Excerpts from a dataset:
---------------

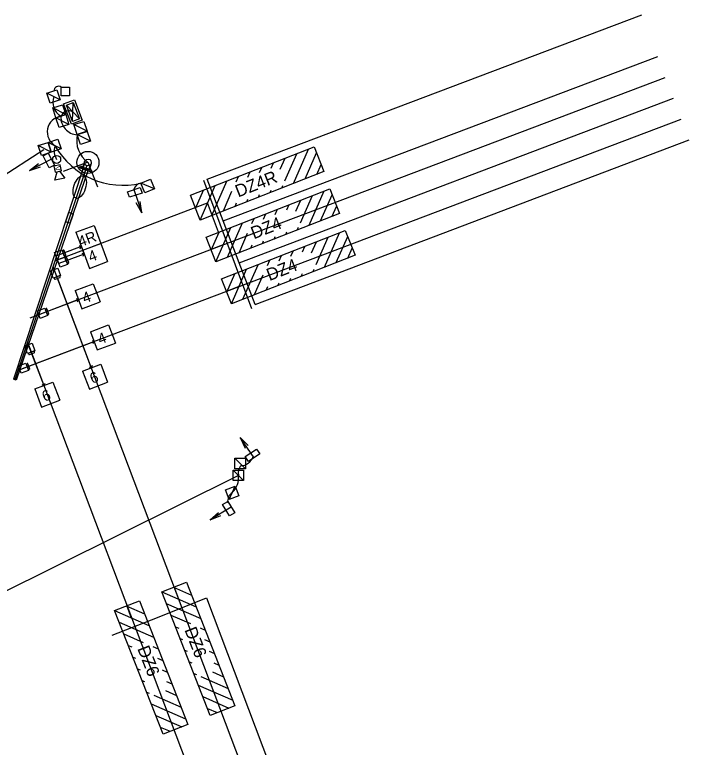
# Model space of a CAD drawing. Extents: x 510435 to 510719, y 1315254 to 1315553.
# Drawn here: x 510566.8 to 510719.1, y 1315365 to 1315530.6 of the extents above; entities that cross this region are included whole.
import ezdxf

# ---------------------------------------------------------------- set-up
doc = ezdxf.new("R2010")
doc.units = 0
for name, color, linetype in [('ContoursMinor_ep', 7, 'Continuous'), ('Default', 7, 'Continuous'), ('DTMTriangles_ep', 7, 'Continuous'), ('FloodLight_ep', 7, 'Continuous'), ('GroundShot_ep', 7, 'Continuous'), ('PilingColumn_ep', 7, 'Continuous'), ('PointLocator_ep', 7, 'Continuous'), ('ScratchEle_dp', 7, 'Continuous'), ('ShldrPaved_ep', 7, 'Continuous'), ('TextElevLabel', 7, 'Continuous'), ('TextPtLabel', 7, 'Continuous'), ('TextSurveyLabel', 7, 'Continuous'), ('TreeLineWoods_ep', 7, 'Continuous'), ('WaterEdge_ep', 7, 'Continuous')]:
    doc.layers.add(name, color=color, linetype=linetype)

# ---------------------------------------------------------------- blocks, each defined once
blk = doc.blocks.new('VSVideoCamera')
at = {"layer": 'TextElevLabel'}
blk.add_line((0, -0.59), (0, 0.59), dxfattribs=at)
blk.add_lwpolyline([(0, 1.41), (-2.81, 1.41), (-2.81, -1.41), (0, -1.41)], close=True, dxfattribs=at)
blk.add_lwpolyline([(0, 0.59), (3.52, 2.34), (3.52, -2.34), (0, -0.59)], dxfattribs=at)
blk.add_text('V', height=2.25, dxfattribs=at).set_placement((-2.41, -1.12))
blk = doc.blocks.new('SignalPoles_cel_SPoleConcN02')
at = {"layer": 'PilingColumn_ep'}
blk.add_lwpolyline([(-0.25, -0.25), (-0.25, 0.25), (0.25, 0.25), (0.25, -0.25)], close=True, dxfattribs=at)
blk = doc.blocks.new('MastArmD4')
at = {"layer": 'TextSurveyLabel'}
for p, q in [((0.25, 1.5), (0, 1.5)), ((0, 1.5), (0, -1.5)), ((0, -1.04), (0, 1.04)), ((0.25, 1.5), (0.25, -1.5)), ((0.25, 0.58), (11.7, 0.52)), ((9.7, 0.54), (46, 0.33)), ((9.7, 0.54), (9.7, -0.54)), ((11.7, 0.52), (11.7, -0.52)), ((46, 0.33), (46, -0.33)), ((0.25, -1.5), (0, -1.5)), ((0.25, -0.58), (11.7, -0.52)), ((9.7, -0.54), (46, -0.33))]:
    blk.add_line(p, q, dxfattribs=at)

msp = doc.modelspace()

# ---------------------------------------------------------------- linework, layer by layer
at = {"layer": 'ContoursMinor_ep'}
msp.add_circle((510583.29, 1315497.18), 2.5, dxfattribs=at)
msp.add_circle((510583.29, 1315497.18), 2.5, dxfattribs=at)
at = {"layer": 'Default'}
for p, q in [((510627.77, 1315493.02), (510630.46, 1315499.17)), ((510629.7, 1315492.43), (510633.1, 1315500.2)), ((510632.33, 1315493.46), (510634.9, 1315499.35)), ((510626.74, 1315495.66), (510627.83, 1315498.14)), ((510622.04, 1315494.89), (510622.56, 1315496.08)), ((510624.68, 1315495.92), (510625.2, 1315497.11)), ((510634.96, 1315494.49), (510635.94, 1315496.71)), ((510616.77, 1315492.82), (510617.29, 1315494.01)), ((510619.41, 1315493.86), (510619.93, 1315495.05)), ((510611.26, 1315485.21), (510614.66, 1315492.98)), ((510607.6, 1315486.81), (510609.39, 1315490.92)), ((510608.63, 1315484.18), (510612.03, 1315491.95)), ((510613.9, 1315486.24), (510615.83, 1315490.67)), ((510624.43, 1315490.36), (510624.69, 1315490.96)), ((510627.06, 1315491.4), (510627.33, 1315492)), ((510633.23, 1315482.98), (510636.62, 1315490.75)), ((510621.8, 1315489.33), (510622.06, 1315489.93)), ((510631.3, 1315483.57), (510633.99, 1315489.72)), ((510635.86, 1315484.01), (510638.43, 1315489.89)), ((510616.53, 1315487.27), (510616.86, 1315488.03)), ((510619.16, 1315488.3), (510619.43, 1315488.9)), ((510628.2, 1315486.47), (510628.72, 1315487.66)), ((510630.27, 1315486.2), (510631.36, 1315488.69)), ((510625.57, 1315485.43), (510626.09, 1315486.62)), ((510638.49, 1315485.04), (510639.46, 1315487.26)), ((510620.3, 1315483.37), (510620.82, 1315484.56)), ((510622.94, 1315484.4), (510623.46, 1315485.59)), ((510612.16, 1315474.72), (510615.56, 1315482.5)), ((510614.79, 1315475.75), (510618.19, 1315483.53)), ((510630.59, 1315481.94), (510630.85, 1315482.54)), ((510611.13, 1315477.36), (510612.92, 1315481.47)), ((510617.42, 1315476.79), (510619.36, 1315481.21)), ((510627.96, 1315480.91), (510628.22, 1315481.51)), ((510636.76, 1315473.52), (510640.15, 1315481.3)), ((510622.69, 1315478.85), (510622.95, 1315479.45)), ((510625.33, 1315479.88), (510625.59, 1315480.48)), ((510633.8, 1315476.75), (510634.89, 1315479.23)), ((510634.83, 1315474.12), (510637.52, 1315480.27)), ((510639.39, 1315474.55), (510641.96, 1315480.44)), ((510620.06, 1315477.82), (510620.39, 1315478.58)), ((510631.73, 1315477.01), (510632.25, 1315478.2)), ((510642.02, 1315475.59), (510642.99, 1315477.81)), ((510626.47, 1315474.95), (510626.99, 1315476.14)), ((510629.1, 1315475.98), (510629.62, 1315477.17)), ((510618.32, 1315466.3), (510621.72, 1315474.08)), ((510623.83, 1315473.92), (510624.35, 1315475.11)), ((510615.69, 1315465.27), (510619.08, 1315473.04)), ((510634.12, 1315472.49), (510634.38, 1315473.09)), ((510614.65, 1315467.9), (510616.45, 1315472.01)), ((510620.95, 1315467.33), (510622.89, 1315471.76)), ((510628.85, 1315470.43), (510629.12, 1315471.03)), ((510631.49, 1315471.46), (510631.75, 1315472.06)), ((510623.59, 1315468.36), (510623.92, 1315469.13)), ((510626.22, 1315469.4), (510626.48, 1315469.99)), ((510602.6, 1315401.21), (510606.71, 1315399.41)), ((510599.97, 1315400.18), (510607.74, 1315396.78)), ((510591.95, 1315396.98), (510596.06, 1315395.19)), ((510601, 1315397.55), (510608.78, 1315394.15)), ((510589.32, 1315395.95), (510597.09, 1315392.55)), ((510602.03, 1315394.91), (510606.46, 1315392.98)), ((510590.35, 1315393.32), (510598.13, 1315389.92)), ((510603.06, 1315392.28), (510603.83, 1315391.94)), ((510608.62, 1315392.03), (510609.81, 1315391.51)), ((510591.38, 1315390.68), (510595.81, 1315388.75)), ((510604.1, 1315389.64), (510604.69, 1315389.38)), ((510592.41, 1315388.05), (510593.18, 1315387.72)), ((510609.65, 1315389.4), (510610.84, 1315388.88)), ((510597.97, 1315387.81), (510599.16, 1315387.29)), ((510605.13, 1315387.01), (510605.73, 1315386.75)), ((510610.68, 1315386.77), (510611.87, 1315386.25)), ((510593.45, 1315385.42), (510594.05, 1315385.16)), ((510599, 1315385.17), (510600.19, 1315384.65)), ((510606.16, 1315384.38), (510606.76, 1315384.12)), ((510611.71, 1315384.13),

---------------

WHAT IS REQUIRED:
Among the lines above, find those that contain the word "True" and copy them.

ANSWER SECTION:
blk.add_lwpolyline([(0, 1.41), (-2.81, 1.41), (-2.81, -1.41), (0, -1.41)], close=True, dxfattribs=at)
blk.add_lwpolyline([(-0.25, -0.25), (-0.25, 0.25), (0.25, 0.25), (0.25, -0.25)], close=True, dxfattribs=at)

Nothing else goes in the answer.